Honestly a lens like this has been something that people have been requesting for the better part of the last decade. Specifically a 24-70mm F/2.8 L IS or even better a 24-105mm f/2.8 L IS. 

No manufacturer has yet delivered or announced a lens like this, despite this being the most requested lens probably in history.


----------



## koolman (Aug 31, 2011)

Here is my perspective on your comments:

The physical size of the sensors - is swiftly becoming less and less relevant, as electronics and technology progress. Having a "FF" sensor - is much less a landmark achievement today. If you compare a 7d with 5 years ago's FF DSLR - you will quickly see that the 7d is far superior in IQ.
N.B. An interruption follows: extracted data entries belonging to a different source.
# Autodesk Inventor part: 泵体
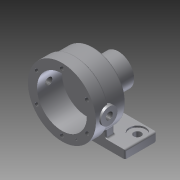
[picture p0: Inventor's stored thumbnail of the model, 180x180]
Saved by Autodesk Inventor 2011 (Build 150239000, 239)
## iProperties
Created: 2013-12
Part Number: 泵体
Document SubType Name: Modeling
Designer: Administrator
Density: 1 g/cm^3
Author: Administrator
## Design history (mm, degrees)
sketch "草图1"
  geometry: L1 (-48, 19)-(48, 19); L2 (48, 19)-(48, -19); L3 (48, -19)-(-48, -19); L4 (-48, -19)-(-48, 19); 3 further points
  constraints: 8 end point, 2 midpoint, 2 parallel, 1 horizontal, 1 horizontal alignment, 1 perpendicular, 1 vertical alignment
  dimensions: "d0" = 96 distance of L1.start L1.end; "d1" = 38 distance of L3.end L1.start
extrude "拉伸1" new body sketch "草图1" distance "d2" = 10; taper "d3" = 0 deg
node "工作平面1"
sketch "草图2"
  geometry: C1 r 41 at (48, 50); 1 further point
  constraints: 1 centre point
  dimensions: "d5" = 82 diameter of C1; "d6" = 50 distance of point (48, 0) C1.centre
extrude "拉伸2" join sketch "草图2" distance "d7" = 16; taper "d8" = 0 deg
sketch "草图3"
  geometry: C1 r 41 at (0, 0) reference; C2 r 39 at (0, 0); 1 further point
  constraints: 1 centre point, 1 coincident
  dimensions: "d9" = 78 diameter of C2
extrude "拉伸3" join sketch "草图3" distance "d10" = 22; taper "d11" = 0 deg
sketch "草图4"
  geometry: C1 r 39 at (0, 0) reference; C2 r 19 at (0, 0); 1 further point
  constraints: 1 centre point, 1 coincident
  dimensions: "d12" = 38 diameter of C2
extrude "拉伸4" join sketch "草图4" distance "d13" = 30; taper "d14" = 0 deg
sketch "草图5"
  geometry: L1 (48, -19)-(-48, -19) reference; L2 (-25, -19)-(25, -19); L3 (25, -19)-(25, -9); L4 (25, -9)-(-25, -9); L5 (-25, -9)-(-25, -19); 2 further points
  constraints: 8 end point, 2 midpoint, 2 parallel, 1 horizontal, 1 perpendicular
  dimensions: "d15" = 50 distance of L3.end L4.end; "d16" = 10 distance of L4.end L2.start
extrude "拉伸5" join sketch "草图5" stored distance "d17" = 40; taper "d18" = 0 deg
sketch "草图6"
  geometry: L1 (-9, 31)-(21, 31) reference; L2 (-19, 10)-(19, 10) reference; L3 (19, 10)-(14, 31); 1 further point
  constraints: 2 end point, 1 point on line
  dimensions: "d19" = 7 distance of L1.end L3.end
feature "加强筋1" sketch "草图6" dims "d20" = 1, "d21" = 10, "d22" = 0
hole "Hole1" diameter "d25" = 9; stored, may be unused: countersink angle "d29" = 90 deg, drill point angle "d31" = 118 deg; dims "d23" = 11, "d24" = 12, "d26" = 6, "d27" = 20, "d28" = 2, "d30" = 8
mirror "镜像1"
hole "Hole2" diameter "d34" = 22; stored, may be unused: countersink angle "d38" = 90 deg, drill point angle "d40" = 146 deg; dims "d32" = 10, "d33" = 10, "d35" = 6, "d36" = 4, "d37" = 2, "d39" = 5
hole "Hole3" diameter "d43" = 15; stored, may be unused: countersink angle "d47" = 90 deg, drill point angle "d49" = 0 deg; dims "d41" = 10, "d42" = 10, "d44" = 6, "d45" = 4, "d46" = 2, "d48" = 5
hole "Hole4" diameter "d52" = 60; stored, may be unused: countersink angle "d56" = 90 deg, drill point angle "d58" = 0 deg; dims "d50" = 10, "d51" = 10, "d53" = 6, "d54" = 4, "d55" = 2, "d57" = 30
chamfer "倒角1" distance "d59" = 1; stored, may be unused: second distance "d60" = 2, angle "d61" = 45 deg
sketch "草图7"
  geometry: C1 r 30 at (0, 0) reference; 2 further points
  dimensions: "d62" = 35 distance of C1.centre point (0, 35)
hole "Hole5" sketch "草图7" at (0, 35) diameter "d63" = 4.917; stored, may be unused: countersink angle "d67" = 90 deg, drill point angle "d69" = 120 deg; dims "d64" = 14, "d65" = 4, "d66" = 2, "d68" = 16
node "工作轴1"
pattern_circular "环形阵列1" dims angle "d71" = 360 deg
sketch "草图8"
  geometry: C1 r 11 at (0, 0) reference; 2 further points
  dimensions: "d73" = 15 distance of C1.centre point (0, 15)
hole "Hole6" sketch "草图8" at (0, 15) diameter "d74" = 3.242; stored, may be unused: countersink angle "d78" = 90 deg, drill point angle "d80" = 120 deg; dims "d75" = 10, "d76" = 4, "d77" = 2, "d79" = 12
pattern_circular "环形阵列2" dims angle "d82" = 360 deg
node "工作平面2"
sketch "草图9"
  geometry: L1 (-47, 9)-(-47, 91) reference; C1 r 10 at (-33, 50); 2 further points
  constraints: 1 centre point, 1 coincident
  dimensions: "d85" = 14 distance from line of L1 point (-33, 50); "d86" = 20 diameter of C1
extrude "拉伸6" join sketch "草图9" stored distance "d87" = 40; taper "d88" = 0 deg
mirror "镜像2"
hole "Hole7" diameter "d91" = 8.566; stored, may be unused: countersink angle "d95" = 90 deg, drill point angle "d97" = 120 deg; dims "d89" = 10, "d90" = 10, "d92" = 10, "d93" = 4, "d94" = 2, "d96" = 12
fillet "圆角1" dims "d98" = 2
fillet "圆角2" dims "d99" = 2
sketch "草图10"
  geometry: 2 further points
hole "Hole8" sketch "草图10" at (17.5, -30.311) diameter "d102" = 2.459; stored, may be unused: countersink angle "d106" = 90 deg, drill point angle "d108" = 120 deg; dims "d103" = 6, "d104" = 4, "d105" = 2, "d107" = 8
node "实体1"
node "工作轴2"
node "工作轴3"
other parameters: "d4" = 28, "d84" = 43
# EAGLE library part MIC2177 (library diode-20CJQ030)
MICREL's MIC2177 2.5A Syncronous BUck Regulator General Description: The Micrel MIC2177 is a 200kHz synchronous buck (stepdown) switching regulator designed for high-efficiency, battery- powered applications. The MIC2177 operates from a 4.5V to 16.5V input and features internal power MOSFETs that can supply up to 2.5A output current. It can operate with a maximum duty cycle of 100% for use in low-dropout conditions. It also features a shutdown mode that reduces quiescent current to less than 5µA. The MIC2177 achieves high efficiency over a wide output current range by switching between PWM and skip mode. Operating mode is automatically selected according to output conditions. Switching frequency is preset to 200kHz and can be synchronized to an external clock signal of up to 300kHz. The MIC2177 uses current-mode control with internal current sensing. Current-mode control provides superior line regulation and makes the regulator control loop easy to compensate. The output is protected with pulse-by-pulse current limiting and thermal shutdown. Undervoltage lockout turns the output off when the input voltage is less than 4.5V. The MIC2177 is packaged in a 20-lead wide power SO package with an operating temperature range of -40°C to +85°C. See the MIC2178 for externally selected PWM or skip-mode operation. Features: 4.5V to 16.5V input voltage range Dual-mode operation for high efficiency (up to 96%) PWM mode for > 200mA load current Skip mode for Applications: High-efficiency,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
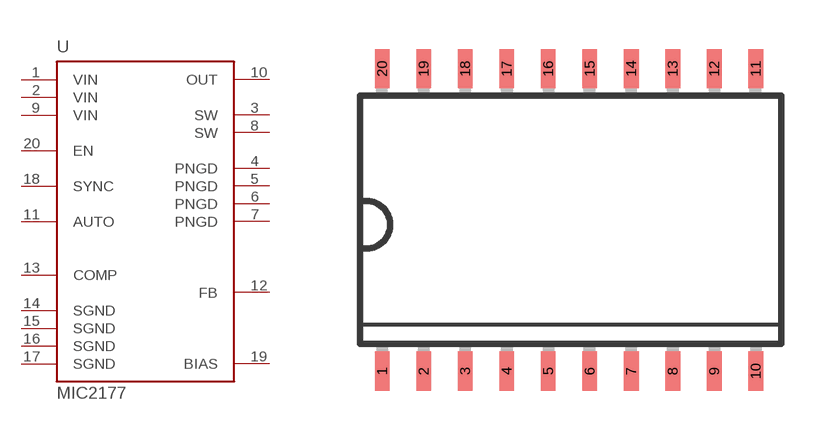
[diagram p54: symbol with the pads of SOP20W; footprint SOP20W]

Designator prefix U

## MIC2177  [SOP20W]
1  VIN  pwr
2  VIN  pwr
3  SW  out
4  PNGD  pwr
5  PNGD  pwr
6  PNGD  pwr
7  PNGD  pwr
8  SW  out
9  VIN  pwr
10  OUT  out
11  AUTO  in
12  FB  in
13  COMP  out
14  SGND  pwr
15  SGND  pwr
16  SGND  pwr
17  SGND  pwr
18  SYNC  in
19  BIAS
20  EN  in

## Footprint SOP20W (pad centres in mm)
SOP20 Wide, Used in Micrel 2177
smd 0.45 x 1.2: 1 -5.715,-4.58; 2 -4.445,-4.58; 3 -3.175,-4.58; 4 -1.905,-4.58; 5 -0.635,-4.58; 6 0.635,-4.58; 7 1.905,-4.58; 8 3.175,-4.58; 9 4.445,-4.58; 10 5.715,-4.58; 11 5.715,4.68; 12 4.445,4.68; 13 3.175,4.68; 14 1.905,4.68; 15 0.635,4.68; 16 -0.635,4.68; 17 -1.905,4.68; 18 -3.175,4.68; 19 -4.445,4.68; 20 -5.715,4.68
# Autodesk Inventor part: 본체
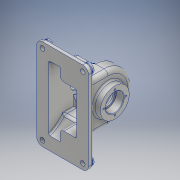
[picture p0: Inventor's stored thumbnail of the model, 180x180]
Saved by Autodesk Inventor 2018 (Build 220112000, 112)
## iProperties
Created: 2024-01
Part Number: 본체
Material: 알루미늄 6061
Document SubType Name: Modeling
Designer: na
Density: 2.7 g/cm^3
Appearance: 알루미늄 - 평지
Mass: 738.884 g
Surface Area: 909.108 cm^2
Volume: 273.661 cm^3
Author: na
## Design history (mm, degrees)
sketch "스케치1"
  geometry: L1 (-39, -88)-(39, -88); L2 (50, -77)-(50, 77); L3 (39, 88)-(-39, 88); L4 (-50, 77)-(-50, -77); L5 (-50, -88)-(50, 88); L6 (50, -88)-(-50, 88); A1 r 11 centre (39, 77) between (50, 77) and (39, 88); A2 r 11 centre (39, -77) between (39, -88) and (50, -77); A3 r 11 centre (-39, -77) between (-50, -77) and (-39, -88); A4 r 11 centre (-39, 77) between (-39, 88) and (-50, 77); 1 further point
  constraints: 12 end point, 8 point on circle, 8 point on line, 8 tangent, 4 centre point, 3 equal radius, 2 midpoint, 2 parallel, 1 horizontal, 1 perpendicular
  dimensions: "d2" = 11 radius of A1; "d3" = 154 distance of A2.centre A1.centre; "d4" = 78 distance of A4.centre A1.centre
extrude "돌출1" new body sketch "스케치1" distance "d5" = 9; taper "d6" = 0 deg
sketch "스케치2"
  geometry: L1 (0, 0)-(47, 0); L2 (47, 0)-(47, 46); L3 (47, 46)-(0, 46); L4 (0, 46)-(0, 0); L5 (47, 0)-(47, -46); L6 (47, -46)-(0, -46); L7 (0, -46)-(0, 0); A1 r 46 centre (47, 0) between (47, -46) and (47, 46)
  constraints: 14 end point, 3 perpendicular, 2 horizontal, 2 point on circle, 2 point on line, 1 centre point, 1 coincident, 1 tangent, 1 vertical
  dimensions: "d7" = 47 distance of L1.start L1.end; "d8" = 92 diameter of A1
extrude "돌출2" join sketch "스케치2" distance "d9" = 32; taper "d10" = 0 deg
sketch "스케치3"
  geometry: L1 (-9, -77)-(-9, 77) reference; L2 (-9, 0)-(39, 0); L3 (-9, -67.882)-(-9, 67.882); A1 r 72 centre (-33, 0) between (-9, -67.882) and (-9, 67.882); 3 further points
  constraints: 4 end point, 4 point on circle, 2 coincident, 2 point on line, 1 centre point, 1 collinear, 1 horizontal, 1 horizontal alignment, 1 midpoint
  dimensions: "d11" = 48 distance of L2.start L2.end; "d12" = 72 radius of A1
extrude "돌출3" join sketch "스케치3" distance "d13" = 32; taper "d14" = 0 deg
sketch "스케치4"
  geometry: L1 (-77, 0)-(77, 0) reference; L2 (77, 0)-(77, -9) reference; L3 (-77, -9)-(77, -9) reference; L4 (-77, 0)-(-77, -9) reference; L5 (0, -9)-(-46, -9); L6 (0, -9)-(46, -9); L7 (0, -9)-(0, 47); L8 (0, 47)-(-46, 47); L9 (0, 47)-(46, 47); L10 (-46, 0)-(-46, 47) reference; L11 (-46, 47)-(-46, -9); L12 (46, 47)-(46, 0) reference; L13 (46, 47)-(46, -9)
  constraints: 14 end point, 4 point on line, 2 horizontal alignment, 2 vertical, 1 horizontal, 1 midpoint
  dimensions: "d23" = 56 distance of L5.start L7.end
extrude "돌출4" join sketch "스케치4" distance "d24" = 32; taper "d25" = 0 deg
node "작업 평면1"
sketch "스케치5"
  geometry: L1 (-77, -9)-(77, -9) reference; L2 (0, -9)-(0, 47); C1 r 28 at (0, 47); 1 further point
  constraints: 2 end point, 1 centre point, 1 coincident, 1 midpoint, 1 vertical
  dimensions: "d27" = 56 distance of L2.start L2.end; "d28" = 56 diameter of C1
extrude "돌출5" join sketch "스케치5" distance "d29" = 90; taper "d30" = 0 deg
node "작업 평면2"
feature "쉘1" dims "d64" = 5
sketch "스케치14"
  geometry: L1 (34, 22.131)-(34, 42) reference; L2 (12, 22.131)-(34, 22.131) reference; L3 (12, 143.869)-(12, 22.131) reference; L4 (34, 143.869)-(12, 143.869) reference; L5 (34, 124)-(34, 143.869) reference; L6 (66, 124)-(34, 124) reference; L7 (66, 42)-(66, 124) reference; L8 (34, 42)-(66, 42) reference; L9 (-6, 160)-(-6, 6) reference; L10 (0, 0)-(78, 0) reference; L11 (84, 6)-(84, 160) reference; L12 (78, 166)-(0, 166) reference; A1 r 6 centre (0, 6) between (-6, 6) and (0, 0) reference; A2 r 6 centre (78, 6) between (78, 0) and (84, 6) reference; A3 r 6 centre (78, 160) between (84, 160) and (78, 166) reference; A4 r 6 centre (0, 160) between (0, 166) and (-6, 160) reference; 1 further point
extrude "돌출8" join sketch "스케치14" stored distance "d65" = 22; taper "d66" = 0 deg
sketch "스케치15"
  geometry: L1 (-36, -28.991)-(118, -28.991) reference; L2 (-15.124, -7.889)-(97.124, -7.889); L3 (94.674, -12.889)-(-12.674, -12.889); A1 r 72 centre (41, -52.991) between (-5, 2.399) and (-22.992, -19.991) reference; A2 r 72 centre (41, -52.991) between (-15.124, -7.889) and (-26.882, -28.991); A3 r 72 centre (41, -52.991) between (108.882, -28.991) and (97.124, -7.889); A4 r 67 centre (41, -52.991) between (103.554, -28.991) and (94.674, -12.889); A5 r 67 centre (41, -52.991) between (-12.674, -12.889) and (-21.554, -28.991); 1 further point
  constraints: 8 point on circle, 4 centre point, 4 end point, 4 point on line, 1 coincident, 1 horizontal
  dimensions: "d67" = 72 radius of A3; "d68" = 72 radius of A2; "d69" = 21.10107 distance between parallel lines of L2 L1; "d71" = 5 distance between parallel lines of L2 L3; "d72" = 67 radius of A5; "d73" = 67 radius of A4
extrude "돌출9" cut sketch "스케치15" distance "d74" = 22; taper "d75" = 0 deg
sketch "스케치17"
  geometry: C1 r 28 at (0, 0) reference; 1 further point
extrude "돌출10" join sketch "스케치17" distance "d83" = 18; taper "d84" = 0 deg
sketch "스케치18"
  geometry: C1 r 28 at (0, 0) reference; 2 further points
  constraints: 1 coincident
hole "구멍2" sketch "스케치18" at (0, 0) diameter "d85" = 29; stored, may be unused: countersink angle "d89" = 90 deg, drill point angle "d91" = 118 deg; dims "d86" = 6, "d87" = 35, "d88" = 15, "d90" = 18
fillet "모깎기1" dims "d92" = 8
fillet "모깎기2" dims "d93" = 8
fillet "모깎기3" dims "d94" = 8
fillet "모깎기4" dims "d95" = 3
fillet "모깎기5" dims "d96" = 3
fillet "모깎기6" dims "d97" = 3
fillet "모깎기7" dims "d98" = 3
sketch "스케치21"
  geometry: C1 r 9 at (-39, -77); C2 r 9 at (39, -77); A1 r 11 centre (-39, -77) between (-50, -77) and (-39, -88) reference; A2 r 11 centre (39, -77) between (39, -88) and (50, -77) reference; 1 further point
  constraints: 2 centre point, 2 coincident
  dimensions: "d99" = 18 diameter of C1; "d100" = 18 diameter of C2
extrude "돌출11" join sketch "스케치21" distance "d101" = 4; taper "d102" = 0 deg
sketch "스케치22"
  geometry: C1 r 9 at (0, 0) reference; C2 r 9 at (-78, 0) reference; 3 further points
  constraints: 2 coincident
hole "구멍3" sketch "스케치22" at (0, 0), (-78, 0) diameter "d103" = 9; stored, may be unused: countersink angle "d107" = 90 deg, drill point angle "d109" = 118 deg; dims "d104" = 6, "d105" = 35, "d106" = 15, "d108" = 18
fillet "모깎기8" dims "d110" = 3
node "작업 평면4"
sketch "스케치23"
  geometry: L1 (0, 0)-(17, 0); C1 r 6 at (17, 0); 1 further point
  constraints: 2 coincident, 2 end point, 1 centre point, 1 horizontal
  dimensions: "d112" = 17 distance of L1.start L1.end; "d114" = 12 diameter of C1
extrude "돌출12" join sketch "스케치23" stored distance "d115" = 4; taper "d116" = 0 deg
sketch "스케치25"
  geometry: C1 r 6 at (0, 0) reference; 2 further points
  constraints: 1 coincident
hole "구멍4" sketch "스케치25" at (0, 0) diameter "d117" = 5.188; stored, may be unused: countersink angle "d121" = 90 deg, drill point angle "d123" = 118 deg; dims "d118" = 100, "d119" = 8, "d120" = 2, "d122" = 16
node "작업 평면5"
sketch "스케치26"
  geometry: L1 (0, 0)-(-17, 0); C1 r 6 at (-17, 0)
  constraints: 2 end point, 1 centre point, 1 coincident, 1 horizontal
  dimensions: "d125" = 17 distance of L1.start L1.end; "d126" = 12 diameter of C1
extrude "돌출13" join sketch "스케치26" stored distance "d127" = 0; taper "d128" = 0 deg
sketch "스케치27"
  geometry: 3 further points
  constraints: 1 other
  dimensions: "d129" = 17 distance of point (17, 0) point (0, 0); "d130" = 6 distance of point (0, 6) point (0, 0)
hole "구멍5" sketch "스케치27" at (0, 0) diameter "d131" = 5.188; stored, may be unused: countersink angle "d135" = 90 deg, drill point angle "d137" = 118 deg; dims "d132" = 12, "d133" = 8, "d134" = 2, "d136" = 12
sketch "스케치28" dims "d138" = 43
  geometry: L1 (0, 0)-(0, 21.5); C1 r 17.5 at (0, 0) reference; C2 r 28 at (0, 0) reference; 2 further points
  constraints: 2 coincident, 2 end point, 1 vertical, 1 vertical alignment, 2 other
hole "구멍6" sketch "스케치28" at (0, 21.5) diameter "d139" = 3.242; stored, may be unused: countersink angle "d143" = 90 deg, drill point angle "d145" = 118 deg; dims "d140" = 8, "d141" = 8, "d142" = 2, "d144" = 10
chamfer "모따기1" distance "d149" = 1; stored, may be unused: second distance "d150" = 2, angle "d151" = 45 deg
fillet "모깎기9" dims "d152" = 0.6
sketch "스케치29"
  geometry: C1 r 28 at (0, 0) reference; C2 r 28 at (0, 0); 1 further point
  constraints: 1 centre point, 1 coincident, 1 concentric
extrude "돌출14" join sketch "스케치29" distance "d153" = 18; taper "d154" = 0 deg
chamfer "모따기2" distance "d155" = 1; stored, may be unused: second distance "d156" = 2, angle "d157" = 45 deg
fillet "모깎기10" dims "d158" = 0.6
fillet "모깎기11" dims "d159" = 3
fillet "모깎기12" dims "d160" = 3
fillet "모깎기13" dims "d161" = 8
node "솔리드1"
mirror "미러1"
mirror "미러2"
pattern_circular "원형 패턴1" dims angle "d147" = 360 deg
mirror "미러4"
node "투영된 루프2"
node "투영된 루프3"
node "투영된 루프4"
node "투영된 루프5"
other parameters: "d26" = 13, "d31" = -5, "d111" = -106, "d124" = -88
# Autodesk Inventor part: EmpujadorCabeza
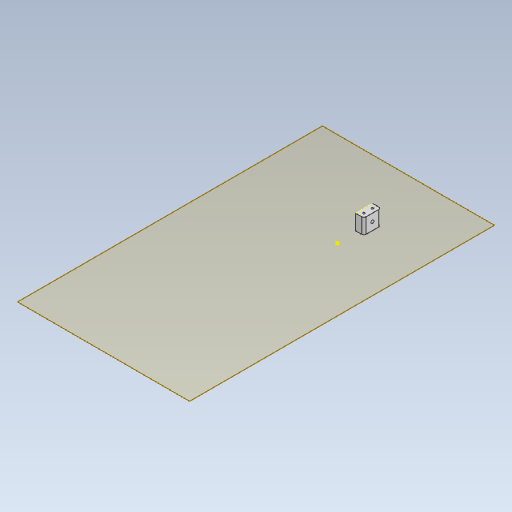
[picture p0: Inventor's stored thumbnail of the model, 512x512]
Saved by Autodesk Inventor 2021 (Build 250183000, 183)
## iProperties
Created: 2021-02
Part Number: EmpujadorCabeza
Material: Genérico
Document SubType Name: Modeling
Designer: ATOUZA
Mass: 27.4687 g
Surface Area: 54.711 cm^2
Volume: 27.4687 cm^3
Density: 1 g/cm^3
Appearance: Valor por defecto
Author: ATOUZA
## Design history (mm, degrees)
node "Plano de trabajo1"
sketch "Boceto1"
  geometry: L1 (0, -16)-(16, -16); L2 (16, -16)-(16, 16); L3 (16, 16)-(0, 16); L4 (0, 16)-(0, -16); L5 (0, -16)-(16, 16); L6 (16, -16)-(0, 16); L7 (0, 16)-(0, 0); L8 (0, 8)-(16, 8); L9 (0, 0)-(0, -16); L10 (0, -8)-(16, -8); C1 r 1.9 at (8, 8); C2 r 1.9 at (8, -8); 2 further points
  constraints: 20 end point, 7 midpoint, 2 centre point, 2 horizontal, 2 parallel, 2 perpendicular, 1 vertical
  dimensions: "d23" = 16 distance of L3.end L2.end; "d24" = 32 distance of L2.end L1.end; "d35" = 3.8 diameter of C1; "d36" = 3.8 diameter of C2
extrude "Extrusión2" new body sketch "Boceto1" distance "d29" = 28.5; taper "d30" = 0 deg
fillet "Empalme4" dims "d37" = 4
sketch "Boceto5"
  geometry: L1 (0, 0)-(0, 28.5) reference; L2 (0, 14.5)-(31.407, 14.5); L3 (0, 28.5)-(32, 28.5) reference; C1 r 2.9 at (16, 14.5); 1 further point
  constraints: 2 end point, 2 point on line, 1 centre point, 1 horizontal
  dimensions: "d38" = 5.8 diameter of C1; "d41" = 14 distance from line of L3 C1.centre
extrude "Extrusión4" cut sketch "Boceto5" extent not by distance; stored distance "d39" = 0; taper "d40" = 0 deg
node "Sólido2"
other parameters: "d3" = 16
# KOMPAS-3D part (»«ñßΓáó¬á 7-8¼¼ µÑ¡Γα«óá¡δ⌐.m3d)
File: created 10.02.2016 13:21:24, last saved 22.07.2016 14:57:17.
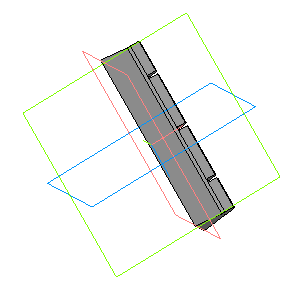
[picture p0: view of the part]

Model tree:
1. Эскиз:1
2. Операция выдавливания:1
     Расстояние 1 = 25.3; Расстояние 2 = 25.3
3. Эскиз:2
4. Вырезать элемент выдавливания:1
     Расстояние 1 = 2.5
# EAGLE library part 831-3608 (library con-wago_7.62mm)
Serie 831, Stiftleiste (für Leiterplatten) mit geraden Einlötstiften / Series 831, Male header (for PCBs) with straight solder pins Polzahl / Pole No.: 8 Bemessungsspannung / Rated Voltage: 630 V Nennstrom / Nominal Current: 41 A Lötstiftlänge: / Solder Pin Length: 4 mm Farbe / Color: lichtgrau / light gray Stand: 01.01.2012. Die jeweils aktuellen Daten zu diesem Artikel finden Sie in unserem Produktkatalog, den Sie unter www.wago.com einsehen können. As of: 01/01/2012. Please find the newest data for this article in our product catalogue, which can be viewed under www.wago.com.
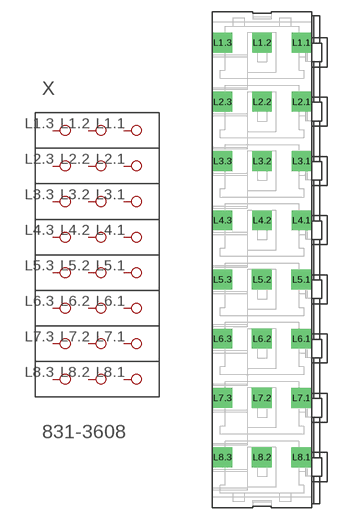
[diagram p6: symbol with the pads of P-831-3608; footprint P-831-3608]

Designator prefix X

## 831-3608  [P-831-3608]
L1.1  D
L1.2  SSS
L1.3  FDF
L2.1  X
L2.2  GGG
L2.3  SDF
L3.1  V
L3.2  C
L3.3  YYBB
L4.1  P4.1
L4.2  P4.2
L4.3  P4.3
L5.1  P5.1
L5.2  P5.2
L5.3  P5.3
L6.1  P6.1
L6.2  P6.2
L6.3  P6.3
L7.1  P7.1
L7.2  P7.2
L7.3  P7.3
L8.1  P8.1
L8.2  P8.2
L8.3  P8.3

## Footprint P-831-3608 (pad centres in mm)
drill 1.7 square: L1.1 4.08,27.94; L1.2 -1,27.94; L1.3 -6.08,27.94; L2.1 4.08,20.32; L2.2 -1,20.32; L2.3 -6.08,20.32; L3.1 4.08,12.7; L3.2 -1,12.7; L3.3 -6.08,12.7; L4.1 4.08,5.08; L4.2 -1,5.08; L4.3 -6.08,5.08; L5.1 4.07,-2.54; L5.2 -1.01,-2.54; L5.3 -6.09,-2.54; L6.1 4.07,-10.16; L6.2 -1.01,-10.16; L6.3 -6.09,-10.16; L7.1 4.07,-17.78; L7.2 -1.01,-17.78; L7.3 -6.09,-17.78; L8.1 4.07,-25.4; L8.2 -1.01,-25.4; L8.3 -6.09,-25.4

I believe this will become even more true in the near future - as superior small sensors will easily outplay larger sensors.

If so, I am not sure I understand the wisdom of purchasing the mark3 for $2,500 ~ just because it is FF. (unless of course you need it for your professional use right away as part of your business as a photographer)

As far as a 24-105 2.8 - Sure such a lens could be produced - however it would be a very large heavy expensive piece for it to retain both IQ and the 2.8 and the focal length. I'm not sure its business savvy to produce such a lens. The 24-105 is aimed as a convenient quality walk around lens, not a specialty lens.


----------



## Flake (Aug 31, 2011)

It's not likely that anyone will produce a 24 - 105mm f/2.8 IS L. Even with f/4 (Which isn't too bad an aperture) the 4.4x zoom lens isn't what might be termed a stellar performer especially at the wide end, a 2.8 version would certainly not perform very well wide open.

With ever increasing MP counts lenses need to become optically better - not worse, which is why a lens like this will never be made. Then there's the cost the size & the weight! The current 24 - 105mm is a wedding tool, it's nice and light - enough to be hand carried for hours on end, while snapping away.

Photographers often cannot see beyond their own photography, and yet Canon Nikon & Sony all have to satisfy the needs & wants of photographers all over the world, and that can often leave some dissapointed. My suggestion is that you buy another body and a 70 - 200mm f/2.8 IS L and then you have f/2.8 all the way from 24mm to 200mm.


----------



## AG (Aug 31, 2011)

Radiating said:


> Honestly a lens like this has been something that people have been requesting for the better part of the last decade. Specifically a 24-70mm F/2.8 L IS or even better a 24-105mm f/2.8 L IS.
> 
> No manufacturer has yet delivered or announced a lens like this, despite this being the most requested lens probably in history.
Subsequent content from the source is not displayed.